- _Required work_
Make an exact copy of the records, dropping all pictures.

[Dataset entries]
<<<<

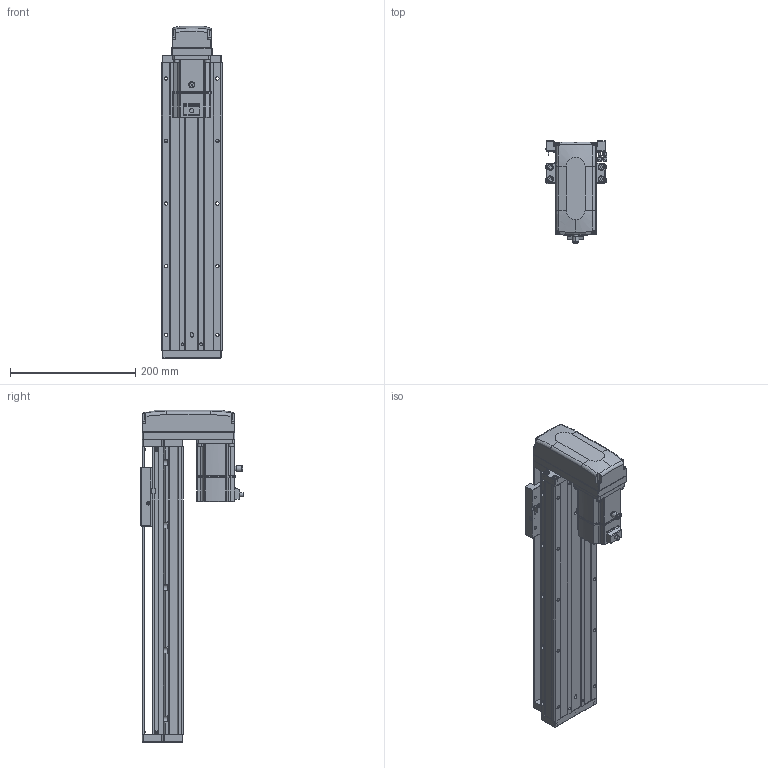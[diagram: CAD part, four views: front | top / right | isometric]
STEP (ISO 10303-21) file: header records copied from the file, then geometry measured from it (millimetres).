
FILE_DESCRIPTION (( 'STEP AP203' ), '1' );
FILE_NAME ('KTHA100-300-BM-M20-C4L.step', '2022-04-26T01:52:40', ( '微软用户' ), ( '微软中国' ), 'SwSTEP 2.0', 'SolidWorks 2020', '' );
FILE_SCHEMA (( 'CONFIG_CONTROL_DESIGN' ));
Length unit declared in the file: millimetre
Products named in the file (17): KTHA100-005; GBT70.1 M5℅16; GB¨uT 70.2-M3¡Á5_M3¡Á6; CTHA60-016; EE_SX911P_R; GBT 70.3-M3℅6; CTHA60-017; _X2_4E0983F1_X0_200W_1; KTHA100-001_460; CTHA60-021; CTHA86-015-1_CTHA86-015-2; KTHA100-002; GBT77-2000 M3×3; CTHA86-033; KTHA100-004; GBT 70.1-M3℅6; KTHA100-300-BM-M20-C4L
Assembly tree (57 placements, depth 2):
  KTHA100-300-BM-M20-C4L
    KTHA100-001_460
    KTHA100-002
    KTHA100-004
    KTHA100-005
    GB¨uT 70.2-M3¡Á5_M3¡Á6  x6
    EE_SX911P_R  x3
    CTHA60-017  x3
    CTHA60-021  x2
    GBT77-2000 M3×3  x6
    GBT 70.1-M3℅6  x10
    GBT70.1 M5℅16  x14
    CTHA60-016  x2
    GBT 70.3-M3℅6  x4
    _X2_4E0983F1_X0_200W_1
    CTHA86-015-1_CTHA86-015-2
    CTHA86-033
Bounding box: 98.82 x 163.2 x 531 mm (x, y, z)
Volume: 2625591.9 mm3; surface area: 435549.7 mm2
Topology: 60 solids, 60 shells, 2377 faces, 5665 edges, 3508 vertices
Faces by surface type: plane 1208, cylinder 659, cone 303, torus 116, bspline 75, sphere 16
Entity records: 40010 total; most frequent: CARTESIAN_POINT 8112, DIRECTION 6162, ORIENTED_EDGE 5942, EDGE_CURVE 2971, AXIS2_PLACEMENT_3D 2166, VERTEX_POINT 1868, LINE 1830, VECTOR 1830

>>>>

- _Solution for this exercise_
[diagram: CAD part, four views: front | top / right | isometric]
STEP (ISO 10303-21) file: header records copied from the file, then geometry measured from it (millimetres).
FILE_DESCRIPTION (( 'STEP AP203' ), '1' );
FILE_NAME ('KTHA100-300-BM-M20-C4L.step', '2022-04-26T01:52:40', ( '微软用户' ), ( '微软中国' ), 'SwSTEP 2.0', 'SolidWorks 2020', '' );
FILE_SCHEMA (( 'CONFIG_CONTROL_DESIGN' ));
Length unit declared in the file: millimetre
Products named in the file (17): KTHA100-005; GBT70.1 M5℅16; GB¨uT 70.2-M3¡Á5_M3¡Á6; CTHA60-016; EE_SX911P_R; GBT 70.3-M3℅6; CTHA60-017; _X2_4E0983F1_X0_200W_1; KTHA100-001_460; CTHA60-021; CTHA86-015-1_CTHA86-015-2; KTHA100-002; GBT77-2000 M3×3; CTHA86-033; KTHA100-004; GBT 70.1-M3℅6; KTHA100-300-BM-M20-C4L
Assembly tree (57 placements, depth 2):
  KTHA100-300-BM-M20-C4L
    KTHA100-001_460
    KTHA100-002
    KTHA100-004
    KTHA100-005
    GB¨uT 70.2-M3¡Á5_M3¡Á6  x6
    EE_SX911P_R  x3
    CTHA60-017  x3
    CTHA60-021  x2
    GBT77-2000 M3×3  x6
    GBT 70.1-M3℅6  x10
    GBT70.1 M5℅16  x14
    CTHA60-016  x2
    GBT 70.3-M3℅6  x4
    _X2_4E0983F1_X0_200W_1
    CTHA86-015-1_CTHA86-015-2
    CTHA86-033
Bounding box: 98.82 x 163.2 x 531 mm (x, y, z)
Volume: 2625591.9 mm3; surface area: 435549.7 mm2
Topology: 60 solids, 60 shells, 2377 faces, 5665 edges, 3508 vertices
Faces by surface type: plane 1208, cylinder 659, cone 303, torus 116, bspline 75, sphere 16
Entity records: 40010 total; most frequent: CARTESIAN_POINT 8112, DIRECTION 6162, ORIENTED_EDGE 5942, EDGE_CURVE 2971, AXIS2_PLACEMENT_3D 2166, VERTEX_POINT 1868, LINE 1830, VECTOR 1830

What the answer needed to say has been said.